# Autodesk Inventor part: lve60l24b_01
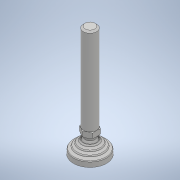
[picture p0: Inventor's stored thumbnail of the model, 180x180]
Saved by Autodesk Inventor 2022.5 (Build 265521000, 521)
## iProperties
Part Number: lve60l24b_01
Material: 一般
Document SubType Name: Modeling
Designer: ImaoCorp
Density: 1 g/cm^3
Appearance: 既定
Author: ImaoCorp
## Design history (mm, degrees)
feature "lve60l24b_01"
node "ソリッド1"
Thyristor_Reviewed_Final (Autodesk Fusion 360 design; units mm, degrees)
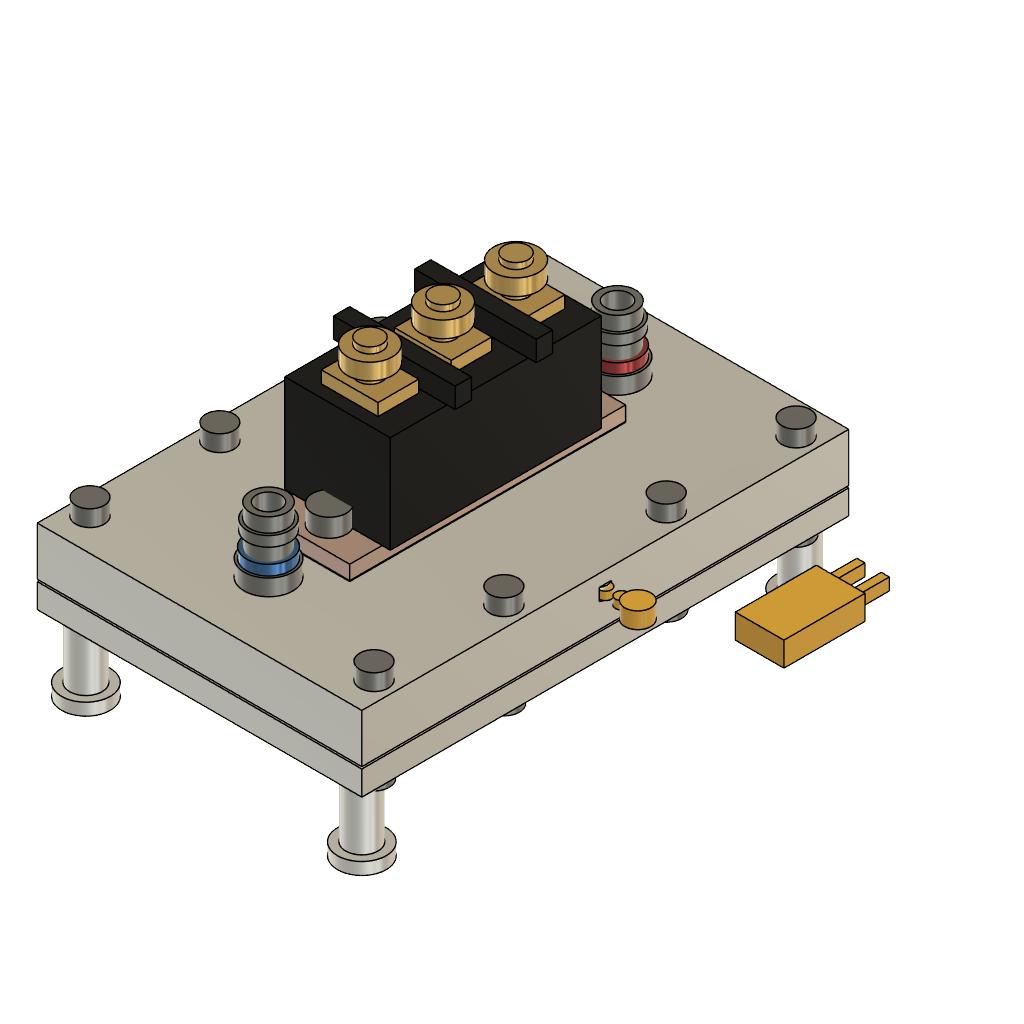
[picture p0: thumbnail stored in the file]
part number: 2026-11-02-01-28-30-721
part number: 2026-11-02-02-59-40-221
part number: 2026-11-02-02-59-43-084
part number: 2026-11-02-02-59-43-519
part number: 2026-11-02-02-59-44-128
part number: 2026-11-02-02-59-44-602
part number: 2026-11-02-02-59-44-987
part number: 2026-11-02-02-59-46-241
part number: 2026-11-02-02-59-47-034
part number: 2026-11-02-02-59-47-858
part number: 2026-11-02-02-59-48-789
part number: 2026-11-02-02-59-49-745
part number: 2026-11-02-02-59-54-096
part number: 2026-11-02-02-59-54-882
part number: 2026-11-02-02-59-56-951
part number: 2026-11-02-03-00-06-820
part number: 2026-11-02-03-00-18-161
part number: 2026-11-02-03-00-22-757
work_plane "WorkPlane1" AlongDistance 0 ExtraOffset 0
sketch "Cold plate stock sketch" plane through (0, 0, 0) normal (0, 0, 1) x axis (1, 0, 0)
  line L1 (80, 0) -> (0, 0)
  line L2 (80, 120) -> (80, 0)
  line L3 (0, 120) -> (80, 120)
  line L4 (0, 0) -> (0, 120)
extrude "Extrude1" new body sketch "Cold plate stock sketch" along normal blind 12
work_plane "WorkPlane2" AlongDistance 0 ExtraOffset 0
sketch "16 Mini-Channels | 2 x 5 x 70 mm sketch" plane through (0, 0, 0) normal (0, 0, 1) x axis (1, 0, 0)
  line L1 (14.75, 25) -> (12.75, 25)
  line L2 (14.75, 95) -> (14.75, 25)
  line L3 (12.75, 95) -> (14.75, 95)
  line L4 (12.75, 25) -> (12.75, 95)
  line L5 (18.25, 25) -> (16.25, 25)
  line L6 (18.25, 95) -> (18.25, 25)
  line L7 (16.25, 95) -> (18.25, 95)
  line L8 (16.25, 25) -> (16.25, 95)
  line L9 (21.75, 25) -> (19.75, 25)
  line L10 (21.75, 95) -> (21.75, 25)
  line L11 (19.75, 95) -> (21.75, 95)
  line L12 (19.75, 25) -> (19.75, 95)
  line L13 (25.25, 25) -> (23.25, 25)
  line L14 (25.25, 95) -> (25.25, 25)
  line L15 (23.25, 95) -> (25.25, 95)
  line L16 (23.25, 25) -> (23.25, 95)
  line L17 (28.75, 25) -> (26.75, 25)
  line L18 (28.75, 95) -> (28.75, 25)
  line L19 (26.75, 95) -> (28.75, 95)
  line L20 (26.75, 25) -> (26.75, 95)
  line L21 (32.25, 25) -> (30.25, 25)
  line L22 (32.25, 95) -> (32.25, 25)
  line L23 (30.25, 95) -> (32.25, 95)
  line L24 (30.25, 25) -> (30.25, 95)
  line L25 (35.75, 25) -> (33.75, 25)
  line L26 (35.75, 95) -> (35.75, 25)
  line L27 (33.75, 95) -> (35.75, 95)
  line L28 (33.75, 25) -> (33.75, 95)
  line L29 (39.25, 25) -> (37.25, 25)
  line L30 (39.25, 95) -> (39.25, 25)
  line L31 (37.25, 95) -> (39.25, 95)
  line L32 (37.25, 25) -> (37.25, 95)
  line L33 (42.75, 25) -> (40.75, 25)
  line L34 (42.75, 95) -> (42.75, 25)
  line L35 (40.75, 95) -> (42.75, 95)
  line L36 (40.75, 25) -> (40.75, 95)
  line L37 (46.25, 25) -> (44.25, 25)
  line L38 (46.25, 95) -> (46.25, 25)
  line L39 (44.25, 95) -> (46.25, 95)
  line L40 (44.25, 25) -> (44.25, 95)
  line L41 (49.75, 25) -> (47.75, 25)
  line L42 (49.75, 95) -> (49.75, 25)
  line L43 (47.75, 95) -> (49.75, 95)
  line L44 (47.75, 25) -> (47.75, 95)
  line L45 (53.25, 25) -> (51.25, 25)
  line L46 (53.25, 95) -> (53.25, 25)
  line L47 (51.25, 95) -> (53.25, 95)
  line L48 (51.25, 25) -> (51.25, 95)
  line L49 (56.75, 25) -> (54.75, 25)
  line L50 (56.75, 95) -> (56.75, 25)
  line L51 (54.75, 95) -> (56.75, 95)
  line L52 (54.75, 25) -> (54.75, 95)
  line L53 (60.25, 25) -> (58.25, 25)
  line L54 (60.25, 95) -> (60.25, 25)
  line L55 (58.25, 95) -> (60.25, 95)
  line L56 (58.25, 25) -> (58.25, 95)
  line L57 (63.75, 25) -> (61.75, 25)
  line L58 (63.75, 95) -> (63.75, 25)
  line L59 (61.75, 95) -> (63.75, 95)
  line L60 (61.75, 25) -> (61.75, 95)
  line L61 (67.25, 25) -> (65.25, 25)
  line L62 (67.25, 95) -> (67.25, 25)
  line L63 (65.25, 95) -> (67.25, 95)
  line L64 (65.25, 25) -> (65.25, 95)
extrude "Extrude2" cut sketch "16 Mini-Channels | 2 x 5 x 70 mm sketch" along normal blind 5
work_plane "WorkPlane3" AlongDistance 0 ExtraOffset 0
sketch "Headers sketch" plane through (0, 0, 0) normal (0, 0, 1) x axis (1, 0, 0)
  line L1 (70, 10) -> (10, 10)
  line L2 (70, 25) -> (70, 10)
  line L3 (10, 25) -> (70, 25)
  line L4 (10, 10) -> (10, 25)
  line L5 (70, 95) -> (10, 95)
  line L6 (70, 110) -> (70, 95)
  line L7 (10, 110) -> (70, 110)
  line L8 (10, 95) -> (10, 110)
extrude "Extrude3" cut sketch "Headers sketch" along normal blind 5
work_plane "WorkPlane4" AlongDistance 0 ExtraOffset 0
sketch "Boundary-layer breaks sketch" plane through (0, 0, 0) normal (0, 0, 1) x axis (1, 0, 0)
  line L1 (16.3, 42) -> (14.7, 42)
  line L2 (16.3, 44.5) -> (16.3, 42)
  line L3 (14.7, 44.5) -> (16.3, 44.5)
  line L4 (14.7, 42) -> (14.7, 44.5)
  line L5 (16.3, 68) -> (14.7, 68)
  line L6 (16.3, 70.5) -> (16.3, 68)
  line L7 (14.7, 70.5) -> (16.3, 70.5)
  line L8 (14.7, 68) -> (14.7, 70.5)
  line L9 (19.8, 52) -> (18.2, 52)
  line L10 (19.8, 54.5) -> (19.8, 52)
  line L11 (18.2, 54.5) -> (19.8, 54.5)
  line L12 (18.2, 52) -> (18.2, 54.5)
  line L13 (19.8, 78) -> (18.2, 78)
  line L14 (19.8, 80.5) -> (19.8, 78)
  line L15 (18.2, 80.5) -> (19.8, 80.5)
  line L16 (18.2, 78) -> (18.2, 80.5)
  line L17 (23.3, 42) -> (21.7, 42)
  line L18 (23.3, 44.5) -> (23.3, 42)
  line L19 (21.7, 44.5) -> (23.3, 44.5)
  line L20 (21.7, 42) -> (21.7, 44.5)
  line L21 (23.3, 68) -> (21.7, 68)
  line L22 (23.3, 70.5) -> (23.3, 68)
  line L23 (21.7, 70.5) -> (23.3, 70.5)
  line L24 (21.7, 68) -> (21.7, 70.5)
  line L25 (26.8, 52) -> (25.2, 52)
  line L26 (26.8, 54.5) -> (26.8, 52)
  line L27 (25.2, 54.5) -> (26.8, 54.5)
  line L28 (25.2, 52) -> (25.2, 54.5)
  line L29 (26.8, 78) -> (25.2, 78)
  line L30 (26.8, 80.5) -> (26.8, 78)
  line L31 (25.2, 80.5) -> (26.8, 80.5)
  line L32 (25.2, 78) -> (25.2, 80.5)
  line L33 (30.3, 42) -> (28.7, 42)
  line L34 (30.3, 44.5) -> (30.3, 42)
  line L35 (28.7, 44.5) -> (30.3, 44.5)
  line L36 (28.7, 42) -> (28.7, 44.5)
  line L37 (30.3, 68) -> (28.7, 68)
  line L38 (30.3, 70.5) -> (30.3, 68)
  line L39 (28.7, 70.5) -> (30.3, 70.5)
  line L40 (28.7, 68) -> (28.7, 70.5)
  line L41 (33.8, 52) -> (32.2, 52)
  line L42 (33.8, 54.5) -> (33.8, 52)
  line L43 (32.2, 54.5) -> (33.8, 54.5)
  line L44 (32.2, 52) -> (32.2, 54.5)
  line L45 (33.8, 78) -> (32.2, 78)
  line L46 (33.8, 80.5) -> (33.8, 78)
  line L47 (32.2, 80.5) -> (33.8, 80.5)
  line L48 (32.2, 78) -> (32.2, 80.5)
  line L49 (37.3, 42) -> (35.7, 42)
  line L50 (37.3, 44.5) -> (37.3, 42)
  line L51 (35.7, 44.5) -> (37.3, 44.5)
  line L52 (35.7, 42) -> (35.7, 44.5)
  line L53 (37.3, 68) -> (35.7, 68)
  line L54 (37.3, 70.5) -> (37.3, 68)
  line L55 (35.7, 70.5) -> (37.3, 70.5)
  line L56 (35.7, 68) -> (35.7, 70.5)
  line L57 (40.8, 52) -> (39.2, 52)
  line L58 (40.8, 54.5) -> (40.8, 52)
  line L59 (39.2, 54.5) -> (40.8, 54.5)
  line L60 (39.2, 52) -> (39.2, 54.5)
  line L61 (40.8, 78) -> (39.2, 78)
  line L62 (40.8, 80.5) -> (40.8, 78)
  line L63 (39.2, 80.5) -> (40.8, 80.5)
  line L64 (39.2, 78) -> (39.2, 80.5)
  line L65 (44.3, 42) -> (42.7, 42)
  line L66 (44.3, 44.5) -> (44.3, 42)
  line L67 (42.7, 44.5) -> (44.3, 44.5)
  line L68 (42.7, 42) -> (42.7, 44.5)
  line L69 (44.3, 68) -> (42.7, 68)
  line L70 (44.3, 70.5) -> (44.3, 68)
  line L71 (42.7, 70.5) -> (44.3, 70.5)
  line L72 (42.7, 68) -> (42.7, 70.5)
  line L73 (47.8, 52) -> (46.2, 52)
  line L74 (47.8, 54.5) -> (47.8, 52)
  line L75 (46.2, 54.5) -> (47.8, 54.5)
  line L76 (46.2, 52) -> (46.2, 54.5)
  line L77 (47.8, 78) -> (46.2, 78)
  line L78 (47.8, 80.5) -> (47.8, 78)
  line L79 (46.2, 80.5) -> (47.8, 80.5)
  line L80 (46.2, 78) -> (46.2, 80.5)
  line L81 (51.3, 42) -> (49.7, 42)
  line L82 (51.3, 44.5) -> (51.3, 42)
  line L83 (49.7, 44.5) -> (51.3, 44.5)
  line L84 (49.7, 42) -> (49.7, 44.5)
  line L85 (51.3, 68) -> (49.7, 68)
  line L86 (51.3, 70.5) -> (51.3, 68)
  line L87 (49.7, 70.5) -> (51.3, 70.5)
  line L88 (49.7, 68) -> (49.7, 70.5)
  line L89 (54.8, 52) -> (53.2, 52)
  line L90 (54.8, 54.5) -> (54.8, 52)
  line L91 (53.2, 54.5) -> (54.8, 54.5)
  line L92 (53.2, 52) -> (53.2, 54.5)
  line L93 (54.8, 78) -> (53.2, 78)
  line L94 (54.8, 80.5) -> (54.8, 78)
  line L95 (53.2, 80.5) -> (54.8, 80.5)
  line L96 (53.2, 78) -> (53.2, 80.5)
  line L97 (58.3, 42) -> (56.7, 42)
  line L98 (58.3, 44.5) -> (58.3, 42)
  line L99 (56.7, 44.5) -> (58.3, 44.5)
  line L100 (56.7, 42) -> (56.7, 44.5)
  line L101 (58.3, 68) -> (56.7, 68)
  line L102 (58.3, 70.5) -> (58.3, 68)
  line L103 (56.7, 70.5) -> (58.3, 70.5)
  line L104 (56.7, 68) -> (56.7, 70.5)
  line L105 (61.8, 52) -> (60.2, 52)
  line L106 (61.8, 54.5) -> (61.8, 52)
  line L107 (60.2, 54.5) -> (61.8, 54.5)
  line L108 (60.2, 52) -> (60.2, 54.5)
  line L109 (61.8, 78) -> (60.2, 78)
  line L110 (61.8, 80.5) -> (61.8, 78)
  line L111 (60.2, 80.5) -> (61.8, 80.5)
  line L112 (60.2, 78) -> (60.2, 80.5)
  line L113 (65.3, 42) -> (63.7, 42)
  line L114 (65.3, 44.5) -> (65.3, 42)
  line L115 (63.7, 44.5) -> (65.3, 44.5)
  line L116 (63.7, 42) -> (63.7, 44.5)
  line L117 (65.3, 68) -> (63.7, 68)
  line L118 (65.3, 70.5) -> (65.3, 68)
  line L119 (63.7, 70.5) -> (65.3, 70.5)
  line L120 (63.7, 68) -> (63.7, 70.5)
extrude "Extrude4" cut sketch "Boundary-layer breaks sketch" along normal blind 5
work_plane "WorkPlane5" AlongDistance 0 ExtraOffset 0
sketch "Gasket groove 1 sketch" plane through (0, 0, 0) normal (0, 0, 1) x axis (1, 0, 0)
  line L1 (73, 7) -> (7, 7)
  line L2 (73, 9) -> (73, 7)
  line L3 (7, 9) -> (73, 9)
  line L4 (7, 7) -> (7, 9)
extrude "Extrude5" cut sketch "Gasket groove 1 sketch" along normal blind 0.5
work_plane "WorkPlane6" AlongDistance 0 ExtraOffset 0
sketch "Gasket groove 2 sketch" plane through (0, 0, 0) normal (0, 0, 1) x axis (1, 0, 0)
  line L1 (73, 111) -> (7, 111)
  line L2 (73, 113) -> (73, 111)
  line L3 (7, 113) -> (73, 113)
  line L4 (7, 111) -> (7, 113)
extrude "Extrude6" cut sketch "Gasket groove 2 sketch" along normal blind 0.5
work_plane "WorkPlane7" AlongDistance 0 ExtraOffset 0
sketch "Gasket groove 3 sketch" plane through (0, 0, 0) normal (0, 0, 1) x axis (1, 0, 0)
  line L1 (9, 9) -> (7, 9)
  line L2 (9, 111) -> (9, 9)
  line L3 (7, 111) -> (9, 111)
  line L4 (7, 9) -> (7, 111)
extrude "Extrude7" cut sketch "Gasket groove 3 sketch" along normal blind 0.5
work_plane "WorkPlane8" AlongDistance 0 ExtraOffset 0
sketch "Gasket groove 4 sketch" plane through (0, 0, 0) normal (0, 0, 1) x axis (1, 0, 0)
  line L1 (73, 9) -> (71, 9)
  line L2 (73, 111) -> (73, 9)
  line L3 (71, 111) -> (73, 111)
  line L4 (71, 9) -> (71, 111)
extrude "Extrude8" cut sketch "Gasket groove 4 sketch" along normal blind 0.5
work_plane "WorkPlane9" AlongDistance 12 ExtraOffset 0
sketch "Fluid port through-bores sketch" plane through (0, 0, 12) normal (0, 0, 1) x axis (1, 0, 0)
  circle C1 centre (40, 17) radius 3
  circle C2 centre (40, 103) radius 3
extrude "Extrude9" cut sketch "Fluid port through-bores sketch" against normal blind 7 (magnitude of "-( 7 mm )")
work_plane "WorkPlane10" AlongDistance 12 ExtraOffset 0
sketch "Cover bolt holes sketch" plane through (0, 0, 12) normal (0, 0, 1) x axis (1, 0, 0)
  circle C1 centre (5, 8) radius 2.2
  circle C2 centre (75, 8) radius 2.2
  circle C3 centre (5, 40) radius 2.2
  circle C4 centre (75, 40) radius 2.2
  circle C5 centre (5, 80) radius 2.2
  circle C6 centre (75, 80) radius 2.2
  circle C7 centre (5, 112) radius 2.2
  circle C8 centre (75, 112) radius 2.2
extrude "Extrude10" cut sketch "Cover bolt holes sketch" against normal blind 12 (magnitude of "-( 12 mm )")
work_plane "WorkPlane11" AlongDistance 12 ExtraOffset 0
sketch "SCR M5 tapped holes sketch" plane through (0, 0, 12) normal (0, 0, 1) x axis (1, 0, 0)
  circle C1 centre (40, 32) radius 2.1
  circle C2 centre (40, 88) radius 2.1
extrude "Extrude11" cut sketch "SCR M5 tapped holes sketch" along normal blind 4
work_plane "WorkPlane12" AlongDistance 6 ExtraOffset 0
sketch "Thermowell entry boss sketch" plane through (0, 0, 6) normal (0, 0, 1) x axis (1, 0, 0)
  circle C1 centre (78, 60) radius 2.5
extrude "Extrude12" add sketch "Thermowell entry boss sketch" along normal blind 3
work_plane "WorkPlane1" AlongDistance 0 ExtraOffset 0
sketch "Gasket blank sketch" plane through (0, 0, 0) normal (0, 0, 1) x axis (1, 0, 0)
  line L1 (73, 7) -> (7, 7)
  line L2 (73, 113) -> (73, 7)
  line L3 (7, 113) -> (73, 113)
  line L4 (7, 7) -> (7, 113)
extrude "Extrude1" new body sketch "Gasket blank sketch" against normal blind 0.5 (magnitude of "-( 0.5 mm )")
work_plane "WorkPlane2" AlongDistance 0 ExtraOffset 0
sketch "Gasket fluid aperture sketch" plane through (0, 0, 0) normal (0, 0, 1) x axis (1, 0, 0)
  line L1 (71, 9) -> (9, 9)
  line L2 (71, 111) -> (71, 9)
  line L3 (9, 111) -> (71, 111)
  line L4 (9, 9) -> (9, 111)
extrude "Extrude2" cut sketch "Gasket fluid aperture sketch" against normal blind 0.5 (magnitude of "-( 0.5 mm )")
work_plane "WorkPlane1" AlongDistance -0.5 ExtraOffset 0
sketch "Bottom cover slab sketch" plane through (0, 0, -0.5) normal (0, 0, 1) x axis (1, 0, 0)
  line L1 (80, 0) -> (0, 0)
  line L2 (80, 120) -> (80, 0)
  line L3 (0, 120) -> (80, 120)
  line L4 (0, 0) -> (0, 120)
extrude "Extrude1" new body sketch "Bottom cover slab sketch" against normal blind 6 (magnitude of "-( 6.0 mm )")
work_plane "WorkPlane2" AlongDistance -0.5 ExtraOffset 0
sketch "Cover bolt holes sketch" plane through (0, 0, -0.5) normal (0, 0, 1) x axis (1, 0, 0)
  circle C1 centre (5, 8) radius 2.2
  circle C2 centre (75, 8) radius 2.2
  circle C3 centre (5, 40) radius 2.2
  circle C4 centre (75, 40) radius 2.2
  circle C5 centre (5, 80) radius 2.2
  circle C6 centre (75, 80) radius 2.2
  circle C7 centre (5, 112) radius 2.2
  circle C8 centre (75, 112) radius 2.2
extrude "Extrude2" cut sketch "Cover bolt holes sketch" against normal blind 6 (magnitude of "-( 6.0 mm )")
work_plane "WorkPlane1" AlongDistance 12 ExtraOffset 0
sketch "Hex collar sketch" plane through (0, 0, 12) normal (0, 0, 1) x axis (1, 0, 0)
  circle C1 centre (40, 17) radius 6
extrude "Extrude1" new body sketch "Hex collar sketch" along normal blind 4
work_plane "WorkPlane2" AlongDistance 16 ExtraOffset 0
sketch "Barb stem sketch" plane through (0, 0, 16) normal (0, 0, 1) x axis (1, 0, 0)
  circle C1 centre (40, 17) radius 4.5
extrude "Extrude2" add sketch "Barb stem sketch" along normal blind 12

********************

- Assigned task -
Your answer should consist of the lines of the listing that contain "boss", copied as they stand.

- Output for this exercise -
sketch "Thermowell entry boss sketch" plane through (0, 0, 6) normal (0, 0, 1) x axis (1, 0, 0)
extrude "Extrude12" add sketch "Thermowell entry boss sketch" along normal blind 3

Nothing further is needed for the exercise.